Newly Diagnosed: Taking the First Step on Your Journey

Pulmonary fibrosis (PF) is a disease marked by scarring — or fibrosis — of lung tissues, making breathing difficult. This disease is part of a larger group of some 200 different lung conditions all marked by inflammation and scarring, and known as interstitial lung diseases (ILD). Idiopathic pulmonary fibrosis (IPF) is its most common form and, like all ILDs, is progressive and serious.

Different PF types all lead to scarring in the lungs but can be caused by different factors. Most PF cases are caused by unknown reasons, which are diagnosed as IPF. In some cases, doctors observe a pattern of pulmonary fibrosis in families, which suggests that genetics may cause PF in certain diagnosed patients. Those types of cases are referred to as familial pulmonary fibrosis.

PF can be caused by an autoimmune disease such as rheumatoid arthritis or systemic scleroderma, or by certain muscle diseases including polymyositis, dermatomyositis, or anti-synthetase syndrome. Occupational and environmental exposure to toxic substances can cause irritation of the cells in the lungs and result in scarred tissue. There are also medications that can cause lung damage and PF. Genetics may also play a role in some cases.

The most common symptoms of PF are shortness of breath and coughing. Patients often experience severe symptoms only in advanced stages of the disease; these can include breathing alterations, weight loss, fatigue, muscle and joint pain, and clubbing of the hands and feet. Every patient has their own individual experience with the disease, which means it can progress faster in some patients and slower in others.

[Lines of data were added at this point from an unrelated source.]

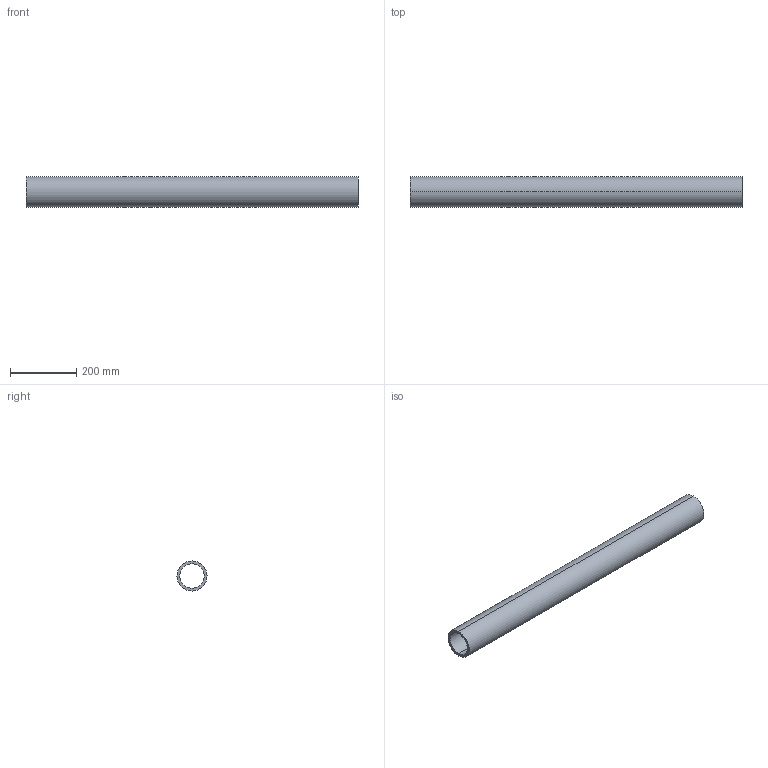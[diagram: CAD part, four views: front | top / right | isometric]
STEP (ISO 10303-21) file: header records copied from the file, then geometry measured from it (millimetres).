
FILE_DESCRIPTION (( 'STEP AP203' ), '1' );
FILE_NAME ('KP_90EC6.step', '2011-08-08T11:50:53', ( '' ), ( '' ), 'SwSTEP 2.0', 'SolidWorks 2011', '' );
FILE_SCHEMA (( 'CONFIG_CONTROL_DESIGN' ));
Length unit declared in the file: millimetre
Products named in the file (1): KP_90EC6
Bounding box: 1000 x 90.4 x 90.4 mm (x, y, z)
Volume: 2215794.8 mm3; surface area: 518239.1 mm2
Topology: 1 solids, 1 shells, 6 faces, 12 edges, 8 vertices
Faces by surface type: cylinder 4, plane 2
Entity records: 245 total; most frequent: DIRECTION 34, CARTESIAN_POINT 27, ORIENTED_EDGE 24, AXIS2_PLACEMENT_3D 15, EDGE_CURVE 12, PERSON_AND_ORGANIZATION 8, CIRCLE 8, VERTEX_POINT 8

When a patient experiences symptoms that can indicate PF, the diagnostic process starts by analyzing their medical history. Additionally, the physician may order a series of tests and examinations to confirm a diagnosis. These include an arterial blood gas test, bronchoscopy, chest X-ray, spirometry, electrocardiogram, high-resolution computed tomography scan, exercise test, pulse oximetry, and surgical biopsy.

Lifestyle changes may make living with PF easier. There are a number of things people living with pulmonary fibrosis can do to maintain or improve their quality of life, including doing some gentle exercise, adopting a healthy diet, resting as necessary, quitting smoking, using relaxation techniques to reduce stress, joining a support group, and getting help from healthcare professionals.